ACTION ITEM
Would you copy out each line of the records below that includes the word "blocks"?

Saved entries

------------------------------------

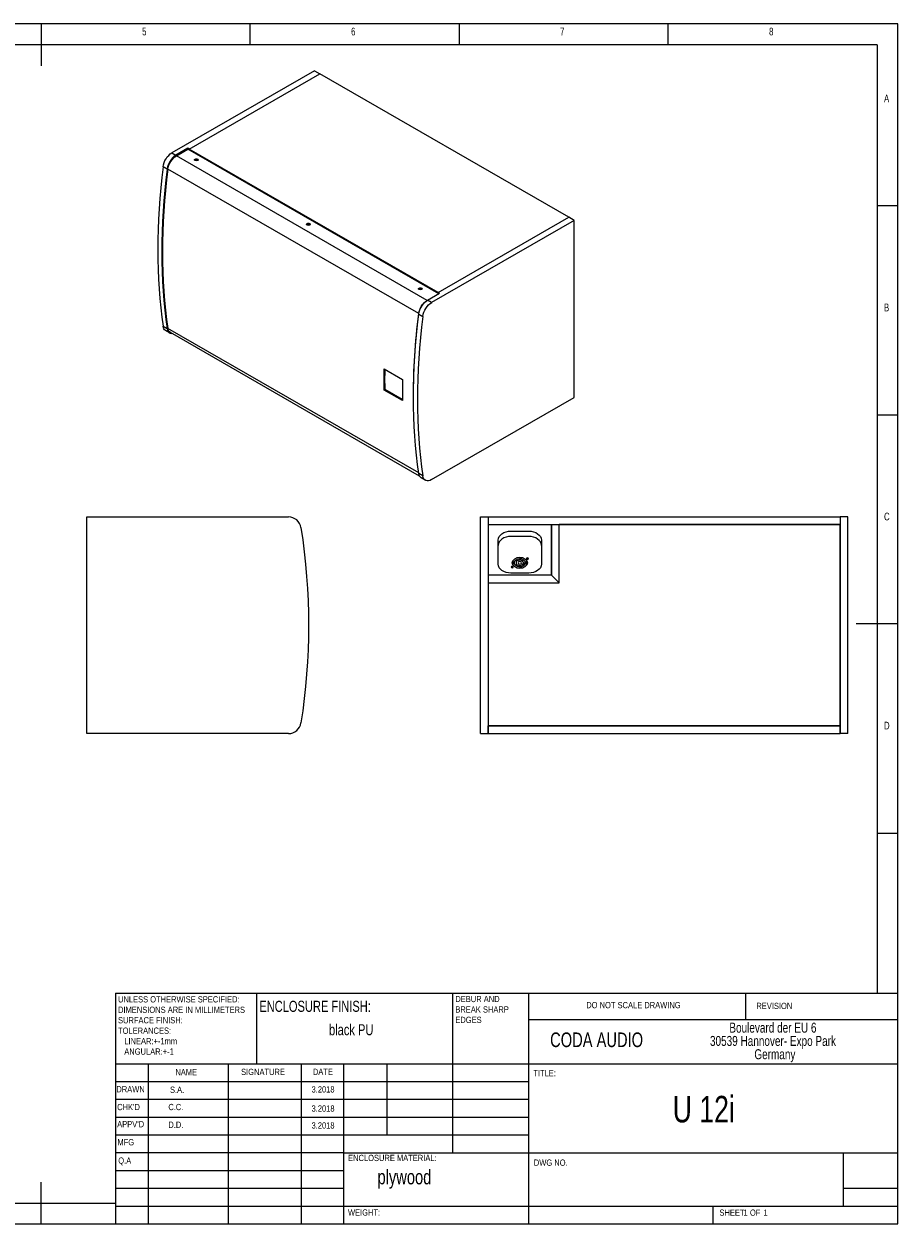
# Model space of a CAD drawing. Header units: inches. Extents: x 15139 to 17845, y 1167 to 3061.
# Tile 2 of 2: x 16465 to 17845, y 1167 to 3061. Entities that reach past the tile are written whole.
import ezdxf

# ---------------------------------------------------------------- set-up
doc = ezdxf.new("R2010")
doc.units = ezdxf.units.IN
doc.header["$MEASUREMENT"] = 0
doc.styles.add('SLDTEXTSTYLE0', font='TXT', dxfattribs={"width": 0.75})

# ---------------------------------------------------------------- blocks, each defined once
blk = doc.blocks.new('NOTE50')
at = {"color": 7, "char_height": 1.5, "attachment_point": 1, "style": 'SLDTEXTSTYLE0'}
for s, insert in [('UNLESS OTHERWISE SPECIFIED:', (0, 2.5)), ('DIMENSIONS ARE IN MILLIMETERS', (0, 0)), ('SURFACE FINISH:', (0, -2.5)), ('TOLERANCES:', (0, -5)), ('   LINEAR:+-1mm', (0, -7.5)), ('   ANGULAR:+-1', (0, -10))]:
    blk.add_mtext(s, dxfattribs=dict(at, insert=insert))
blk = doc.blocks.new('NOTE39')
at = {"color": 7, "char_height": 1.5, "attachment_point": 1, "style": 'SLDTEXTSTYLE0'}
for s, insert in [('SHEET ', (0, 2.5)), ('1', (5.78, 2.5)), (' OF ', (6.8, 2.5)), ('1', (10.55, 2.5))]:
    blk.add_mtext(s, dxfattribs=dict(at, insert=insert))
blk = doc.blocks.new('NOTE64')
at = {"color": 7, "char_height": 2.3813, "attachment_point": 1, "style": 'SLDTEXTSTYLE0'}
for s, insert in [('       Boulevard der EU 6', (0, 3.38)), ('30539 Hannover- Expo Park', (0, 0.21)), ('                Germany', (0, -2.97))]:
    blk.add_mtext(s, dxfattribs=dict(at, insert=insert))
blk = doc.blocks.new('NOTE48')
at = {"color": 7, "char_height": 1.5, "attachment_point": 1, "style": 'SLDTEXTSTYLE0'}
for s, insert in [('DEBUR AND ', (0, 2.5)), ('BREAK SHARP ', (0, 0)), ('EDGES', (0, -2.5))]:
    blk.add_mtext(s, dxfattribs=dict(at, insert=insert))
blk = doc.blocks.new('1111')
at = {"color": 7, "linetype": 'Continuous'}
for p, q in [((4165.4, 777.9), (2115.4, 777.9)), ((3140.4, 777.9), (3140.4, 727.9)), ((3390.4, 752.9), (3390.4, 777.9)), ((3640.4, 777.9), (3640.4, 752.9)), ((3890.4, 752.9), (3890.4, 777.9)), ((4165.4, -657.1), (4165.4, 777.9)), ((4140.4, 752.9), (2140.4, 752.9)), ((4140.4, 752.9), (4140.4, -380.9)), ((4165.4, 560.4), (4140.4, 560.4)), ((4140.4, 310.4), (4165.4, 310.4)), ((4165.4, 60.4), (4115.4, 60.4)), ((4140.4, -189.6), (4165.4, -189.6)), ((3229.4, -380.9), (4165.4, -380.9)), ((3229.4, -380.9), (3229.4, -657.1)), ((3398.4, -465.9), (3398.4, -380.9)), ((3632.4, -380.9), (3632.4, -572.1)), ((3723.4, -380.9), (3723.4, -657.1)), ((3983.4, -412.8), (3983.4, -380.9)), ((4165.4, -412.8), (3723.4, -412.8)), ((4165.4, -465.9), (3229.4, -465.9)), ((3268.4, -465.9), (3268.4, -657.1)), ((3364.3, -465.9), (3364.3, -657.1)), ((3451.4, -465.9), (3451.4, -657.1)), ((3502.4, -657.1), (3502.4, -465.9)), ((3554.4, -550.9), (3554.4, -465.9)), ((3723.4, -487.1), (3229.4, -487.1)), ((3723.4, -508.4), (3229.4, -508.4)), ((3723.4, -529.6), (3229.4, -529.6)), ((3723.4, -550.9), (3229.4, -550.9)), ((3502.4, -572.1), (3229.4, -572.1)), ((3502.4, -572.1), (4165.4, -572.1)), ((4100.4, -635.9), (4100.4, -572.1)), ((3502.4, -593.4), (3229.4, -593.4)), ((3140.4, -657.1), (3140.4, -607.1)), ((3502.4, -614.6), (3229.4, -614.6)), ((4165.4, -614.6), (4100.4, -614.6)), ((2140.4, -632.1), (3229.4, -632.1)), ((3229.4, -635.9), (4165.4, -635.9)), ((3944.4, -657.1), (3944.4, -635.9)), ((2115.4, -657.1), (4165.4, -657.1))]:
    blk.add_line(p, q, dxfattribs=at)
at = {"xscale": 5, "yscale": 5, "zscale": 5}
for name, p in [('NOTE50', (3232.4, -397.2)), ('NOTE48', (3635.9, -396.8)), ('NOTE64', (3940.5, -433.3)), ('NOTE39', (3951.8, -652.3))]:
    blk.add_blockref(name, p, dxfattribs=at)
at = {"color": 7, "attachment_point": 1, "style": 'SLDTEXTSTYLE0'}
for s, insert, char_height in [('5', (3261.2, 773.5), 9.26), ('6', (3511.2, 773.5), 9.26), ('7', (3761.2, 773.5), 9.26), ('8', (4011.2, 773.5), 9.26), ('A', (4148.7, 693.5), 9.26), ('B', (4148.7, 443.5), 9.26), ('C', (4148.7, 193.5), 9.26), ('D', (4148.7, -56.5), 9.26), ('{\\fTxt|b0|i0|c204|p2;ENCLOSURE} FINISH:', (3401.4, -390.2), 13.229), ('DO NOT SCALE DRAWING', (3792.5, -391.6), 7.5), ('REVISION', (3996, -392.6), 7.5), ('black PU', (3484.8, -418.2), 13.23), ('CODA AUDIO', (3749.3, -428.1), 17.5), ('NAME', (3301, -471.8), 7.5), ('SIGNATURE', (3379.6, -471.5), 7.5), ('DATE', (3465.5, -471.4), 7.5), ('TITLE:', (3729.2, -472.9), 7.5), ('DRAWN', (3230.4, -492.2), 7.5), ('S.A.', (3294.6, -492.8), 7.5), ('3.2018', (3463.9, -492.4), 7.5), ('U 12i', (3895.9, -503.9), 31.75), ("CHK'D", (3231.4, -513.5), 7.5), ('C.C.', (3292.6, -513.5), 7.5), ('3.2018', (3463.9, -515.3), 7.5), ("APPV'D", (3231.4, -534), 7.5), ('D.D.', (3292.6, -534.7), 7.5), ('3.2018', (3463.9, -535.5), 7.5), ('MFG', (3231.7, -555.6), 7.5), ('Q.A', (3232.7, -577.6), 7.5), ('{\\fTxt|b0|i0|c204|p2;ENCLOSURE} MATERIAL:', (3507.6, -574.4), 7.5), ('DWG NO.', (3729.8, -580), 7.5), ('plywood', (3542.8, -592.2), 17.5), ('WEIGHT: ', (3507.5, -639.6), 7.49)]:
    blk.add_mtext(s, dxfattribs=dict(at, insert=insert, char_height=char_height))

msp = doc.modelspace()

# ---------------------------------------------------------------- linework, layer by layer
at = {"extrusion": (-5.55112e-17, 0.817547, 0.575862)}
for p, q in [((16924, 2987.7), (16698.8, 2858.1)), ((16726.3, 2864.1), (16932.4, 2982.8)), ((16726.3, 2864.1), (16932.4, 2982.8)), ((16924, 2987.7), (16932.4, 2982.8)), ((17325.6, 2756.4), (16932.4, 2982.8)), ((16724.2, 2865.3), (16705.2, 2854.4)), ((16705.9, 2853.2), (16724.2, 2863.7)), ((16724.2, 2863.7), (16724.2, 2865.3)), ((16726.3, 2864.1), (16724.2, 2865.3)), ((17120.2, 2635.7), (16724.2, 2863.7)), ((17119.5, 2637.7), (16726.3, 2864.1)), ((16726.3, 2864.1), (16726.3, 2862.5)), ((16726.3, 2862.5), (16726.3, 2864.1)), ((16698.8, 2858.1), (16705.2, 2854.4)), ((17101.9, 2625.2), (16705.9, 2853.2)), ((16739.8, 2848.2), (16739.8, 2846.6)), ((16691.2, 2832.5), (16684.9, 2836.2)), ((17088.6, 2604.4), (16692.6, 2832.4)), ((17334.1, 2751.5), (17109, 2621.9)), ((17119.5, 2637.7), (17325.6, 2756.4)), ((17119.5, 2637.7), (17325.6, 2756.4)), ((17334.1, 2751.5), (17325.6, 2756.4)), ((17334.1, 2471.9), (17334.1, 2751.5)), ((16916.5, 2746.4), (16916.5, 2744.8)), ((17093.3, 2644.6), (17093.3, 2643)), ((17102.6, 2625.6), (17121.6, 2636.5)), ((17121.6, 2636.5), (17119.5, 2637.7)), ((17119.5, 2637.7), (17119.5, 2636.1)), ((17119.5, 2636.1), (17119.5, 2637.7)), ((17101.9, 2625.2), (17102.3, 2625.4)), ((17101.9, 2625.2), (17101.9, 2625.1)), ((17109, 2621.9), (17102.6, 2625.6)), ((17088.7, 2604.4), (17088.6, 2604.4)), ((17088.6, 2603.7), (17095, 2600)), ((16684.9, 2584.3), (16691.2, 2580.6)), ((16695.2, 2573.8), (16688.9, 2577.5)), ((17088.5, 2352.8), (16692.6, 2580.7)), ((17090, 2347.7), (16696.4, 2574.3)), ((17034.1, 2517.2), (17063.1, 2500.5)), ((17035.5, 2484.5), (17034.1, 2483.7)), ((17063.1, 2467), (17034.1, 2483.7)), ((17063, 2468.6), (17035.5, 2484.5)), ((17109, 2342.3), (17334.1, 2471.9)), ((17095, 2348.1), (17088.6, 2351.8)), ((17099, 2341.3), (17092.6, 2345))]:
    msp.add_line(p, q, dxfattribs=at)
at = {"extrusion": (0, 1, 0)}
for p, q in [((16564.5, 1941.4), (16564.5, 2283.4)), ((16564.5, 2283.4), (16882.9, 2283.4)), ((17186.2, 2283.4, 0), (17198.2, 2283.4, 0)), ((17186.2, 1941.4, 0), (17186.2, 2283.4, 0)), ((17198.2, 2283.4, 0), (17198.2, 1941.4, 0)), ((17198.2, 2283.4, 0), (17754.2, 2283.4, 0)), ((17198.2, 2283.4, 0), (17198.2, 2271.4, 0)), ((17754.2, 2283.4, 0), (17754.2, 2271.4, 0)), ((17754.2, 2283.4, 0), (17754.2, 1941.4, 0)), ((17766.2, 2283.4, 0), (17754.2, 2283.4, 0)), ((17766.2, 1941.4, 0), (17766.2, 2283.4, 0)), ((17198.2, 2271.4, 0), (17754.2, 2271.4, 0)), ((17234.2, 2261.1, 0), (17262.2, 2261.1, 0)), ((17298.2, 2271.4, 0), (17298.2, 2191.4, 0)), ((17298.2, 2191.4, 0), (17298.2, 2271.4, 0)), ((17754.2, 2271.4, 0), (17310.2, 2271.4, 0)), ((17310.2, 2179.4, 0), (17310.2, 2271.4, 0)), ((17754.2, 1953.4, 0), (17754.2, 2271.4, 0)), ((17214.2, 2208.8, 0), (17214.2, 2246.9, 0)), ((17262.2, 2252.6, 0), (17234.2, 2252.6, 0)), ((17282.2, 2246.9, 0), (17282.2, 2208.8, 0)), ((17236.5, 2210.9, 0), (17236.5, 2209.5, 0)), ((17238.2, 2209.8, 0), (17238.2, 2211.9, 0)), ((17238.2, 2211.9, 0), (17239.4, 2211.9, 0)), ((17239.4, 2209.8, 0), (17238.2, 2209.8, 0)), ((17239.4, 2211.9, 0), (17239.4, 2209.8, 0)), ((17242.2, 2210.9, 0), (17242.2, 2206.1, 0)), ((17254.2, 2210.9, 0), (17254.2, 2206.1, 0)), ((17256.9, 2212.7, 0), (17258.2, 2212.7, 0)), ((17256.9, 2209.1, 0), (17256.9, 2212.7, 0)), ((17258.2, 2209.1, 0), (17256.9, 2209.1, 0)), ((17258.2, 2212.7, 0), (17258.2, 2209.1, 0)), ((17260, 2210.9, 0), (17260, 2209.5, 0)), ((17298.2, 2191.4, 0), (17198.2, 2191.4, 0)), ((17298.2, 2191.4, 0), (17198.2, 2191.4, 0)), ((17198.2, 2179.4, 0), (17198.2, 1953.4, 0)), ((17198.2, 2179.4, 0), (17310.2, 2179.4, 0)), ((17262.2, 2194.6, 0), (17234.2, 2194.6, 0)), ((17298.2, 2191.4, 0), (17310.2, 2179.4, 0)), ((17754.2, 1953.4, 0), (17198.2, 1953.4, 0)), ((17198.2, 1941.4, 0), (17198.2, 1953.4, 0)), ((17198.2, 1953.4, 0), (17754.2, 1953.4, 0)), ((17754.2, 1941.4, 0), (17754.2, 1953.4, 0)), ((16882.9, 1941.4), (16564.5, 1941.4)), ((17186.2, 1941.4, 0), (17198.2, 1941.4, 0)), ((17198.2, 1941.4, 0), (17754.2, 1941.4, 0)), ((17766.2, 1941.4, 0), (17754.2, 1941.4, 0))]:
    msp.add_line(p, q, dxfattribs=at)
for centre, start, end in [((16882.9, 2263.4), 8.8182, 90), ((16882.9, 1961.4), 270, 351.1818)]:
    msp.add_arc(centre, 20, start, end)
at = {"extrusion": (4.05806e-16, 0, -1)}
msp.add_arc((-15909.5, 2112.4), 1005, 171.1818, 188.8182, dxfattribs=at)
at = {"extrusion": (1.72017e-16, -3.50005e-17, -1)}
msp.add_ellipse((16698.8, 2841.7), major_axis=(10, 17.3), ratio=0.578093, start_param=-2.200354, end_param=-0.783464, dxfattribs=at)
for centre, major_axis, ratio, start_param, end_param in [((16705.2, 2838.1), (10, 17.3), 0.578093, 0.783464, 2.200354), ((16737.6, 2845.4), (3, 0), 0.575862, 0.785398, 2.648638), ((16737.6, 2842.9), (5.75, 0), 0.575862, 1.148194, 1.993399), ((16737.6, 2845.4), (3, 0), 0.575862, 0.492955, 0.785398), ((17387.1, 3114.6), (501.5, 870.9), 0.578093, 2.200354, 2.508167), ((17393.5, 3111), (501.5, 870.9), 0.578093, 2.200354, 2.508167), ((16914.4, 2743.6), (3, 0), 0.575862, 0.785398, 2.648638), ((16914.4, 2741.1), (5.75, 0), 0.575862, 1.148194, 1.993399), ((16914.4, 2743.6), (3, 0), 0.575862, 0.492955, 0.785398), ((17091.2, 2641.8), (3, 0), 0.575862, 0.785398, 2.648638), ((17091.2, 2639.3), (5.75, 0), 0.575862, 1.148194, 1.993399), ((17091.2, 2641.8), (3, 0), 0.575862, 0.492955, 0.785398), ((17797.2, 2878.4), (501.5, 870.9), 0.578093, 2.200354, 2.508167), ((16705.2, 2591.2), (10, 17.3), 0.578093, 2.508167, 3.459153), ((17772.8, 2892.5), (501, 870), 0.578093, 2.3338, 2.374721), ((17234.2, 2238.5, 0), (20, 0), 0.707107, 1.570796, 3.141593), ((17262.2, 2238.5, 0), (20, 0), 0.707107, 0, 1.570796), ((17260.2, 2216.2, 0), (1.7, 0), 0.707107, 0.62866, 2.512933), ((17236.2, 2202.8, 0), (1.7, 0), 0.707107, 0.62866, 2.512933)]:
    msp.add_ellipse(centre, major_axis=major_axis, ratio=ratio, start_param=start_param, end_param=end_param)
at = {"extrusion": (-9.25608e-17, 1.1736e-16, -1)}
for centre in [(16705.9, 2837.7), (17101.9, 2609.6)]:
    msp.add_ellipse(centre, major_axis=(9.5, 16.5), ratio=0.578093, start_param=-2.200354, end_param=-0.783464, dxfattribs=at)
at = {"extrusion": (-1.03354e-16, 1.11022e-16, -1)}
for centre, start_param, end_param in [((16737.6, 2847), 2.356194, 5.497787), ((16737.6, 2847), -0.785398, 2.356194), ((16914.4, 2745.2), 2.356194, 5.497787), ((16914.4, 2745.2), -0.785398, 2.356194), ((17091.2, 2643.4), 2.356194, 5.497787), ((17091.2, 2643.4), -0.785398, 2.356194)]:
    msp.add_ellipse(centre, major_axis=(3, 0), ratio=0.575862, start_param=start_param, end_param=end_param, dxfattribs=at)
at = {"extrusion": (-7.21576e-17, 4.15528e-17, -1)}
msp.add_ellipse((17394.2, 3110.5), major_axis=(501, 870), ratio=0.578093, start_param=3.775018, end_param=4.082831, dxfattribs=at)
at = {"extrusion": (-2.68227e-16, 9.04042e-17, -1)}
for centre in [(17102.6, 2609.2), (17109, 2605.5)]:
    msp.add_ellipse(centre, major_axis=(10, 17.3), ratio=0.578093, start_param=-2.200354, end_param=-0.783464, dxfattribs=at)
at = {"extrusion": (-1.68368e-16, 9.69565e-17, -1)}
msp.add_ellipse((17790.9, 2882.1), major_axis=(501.5, 870.9), ratio=0.578093, start_param=3.775018, end_param=4.082831, dxfattribs=at)
at = {"extrusion": (4.8105e-17, -2.77019e-17, -1)}
msp.add_ellipse((17790.2, 2882.5), major_axis=(501, 870), ratio=0.578093, start_param=3.928429, end_param=4.082831, dxfattribs=at)
at = {"extrusion": (-2.44175e-16, 7.65533e-17, -1)}
msp.add_ellipse((16698.8, 2594.8), major_axis=(10, 17.3), ratio=0.578093, start_param=3.141593, end_param=3.775018, dxfattribs=at)
at = {"extrusion": (-4.8105e-17, 2.77019e-17, -1)}
msp.add_ellipse((16705.9, 2590.8), major_axis=(9.5, 16.5), ratio=0.578093, start_param=3.141593, end_param=3.775018, dxfattribs=at)
at = {"extrusion": (7.29866e-18, 1.23912e-16, -1)}
msp.add_ellipse((17743.8, 2909.2), major_axis=(501, 870), ratio=0.578093, start_param=3.908464, end_param=3.949385, dxfattribs=at)
at = {"extrusion": (2.40525e-17, -1.38509e-17, -1)}
msp.add_ellipse((17743.8, 2909.2), major_axis=(500, 868.3), ratio=0.578093, start_param=3.908464, end_param=3.947475, dxfattribs=at)
at = {"extrusion": (-4.40244e-16, 1.25405e-16, -1)}
msp.add_ellipse((17102.6, 2362.3), major_axis=(10, 17.3), ratio=0.578093, start_param=3.141593, end_param=3.775018, dxfattribs=at)
at = {"extrusion": (-1.47964e-16, 2.11496e-17, -1)}
msp.add_ellipse((17109, 2358.6), major_axis=(10, 17.3), ratio=0.578093, start_param=2.358128, end_param=3.775018, dxfattribs=at)
at = {"extrusion": (-5.92936e-13, 0, -1)}
for centre, major_axis, start_param, end_param in [((17234.2, 2246.9, 0), (-20, 0), 0, 1.570796), ((17248.2, 2210.9, 0), (-9, 0), 0.167448, 2.860113), ((17260.2, 2216.2, 0), (-1.5, 0), 0.593006, 2.547024), ((17248.2, 2209.5, 0), (-11.7, 0), 6.24195, 6.283185), ((17248.2, 2209.5, 0), (-12, 0), 2.933053, 3.058163), ((17262.2, 2208.8, 0), (-20, 0), 3.141593, 4.712389)]:
    msp.add_ellipse(centre, major_axis=major_axis, ratio=0.707107, start_param=start_param, end_param=end_param, dxfattribs=at)
at = {"extrusion": (-5.92936e-13, -4.59177e-41, -1)}
for centre, start_param, end_param in [((17262.2, 2246.9, 0), 1.570796, 3.141593), ((17234.2, 2208.8, 0), 4.712389, 6.283185)]:
    msp.add_ellipse(centre, major_axis=(-20, 0), ratio=0.707107, start_param=start_param, end_param=end_param, dxfattribs=at)
msp.add_ellipse((17248.2, 2210.9, 0), major_axis=(12, 0), ratio=0.707107)
at = {"extrusion": (-5.92936e-13, 9.18355e-41, -1)}
for major_axis in [(-11.8, 0), (-2.75, 0)]:
    msp.add_ellipse((17248.2, 2210.9, 0), major_axis=major_axis, ratio=0.707107, dxfattribs=at)
at = {"extrusion": (-5.92936e-13, 0, -1)}
for centre, major_axis in [((17260.2, 2217.6, 0), (-1.7, 0)), ((17236.2, 2204.2, 0), (-1.7, 0)), ((17248.2, 2210.9, 0), (-6, 0))]:
    msp.add_ellipse(centre, major_axis=major_axis, ratio=0.707107, dxfattribs=at)
at = {"extrusion": (-5.92936e-13, 4.59177e-41, -1)}
for centre, major_axis, start_param, end_param in [((17236.2, 2202.8, 0), (-1.5, 0), 0.592909, 2.547082), ((17248.2, 2209.5, 0), (-12, 0), 0.08343, 0.208539)]:
    msp.add_ellipse(centre, major_axis=major_axis, ratio=0.707107, start_param=start_param, end_param=end_param, dxfattribs=at)
at = {"extrusion": (-5.92936e-13, -9.18355e-41, -1)}
msp.add_ellipse((17248.2, 2210.9, 0), major_axis=(-9, 0), ratio=0.707107, start_param=3.423073, end_param=6.115737, dxfattribs=at)
at = {"extrusion": (-5.92936e-13, 5.87747e-39, -1)}
msp.add_ellipse((17248.2, 2209.5, 0), major_axis=(-11.7, 0), ratio=0.707107, start_param=3.141593, end_param=3.182828, dxfattribs=at)

# ---------------------------------------------------------------- block references
at = {"xscale": 1.32, "yscale": 1.32, "zscale": 1.32}
msp.add_blockref('1111', (12347, 2034.7), dxfattribs=at)

doc.saveas('drawing.dxf')

------------------------------------

ANSWER SECTION
# ---------------------------------------------------------------- blocks, each defined once
blk = doc.blocks.new('NOTE50')
blk = doc.blocks.new('NOTE39')
blk = doc.blocks.new('NOTE64')
blk = doc.blocks.new('NOTE48')
blk = doc.blocks.new('1111')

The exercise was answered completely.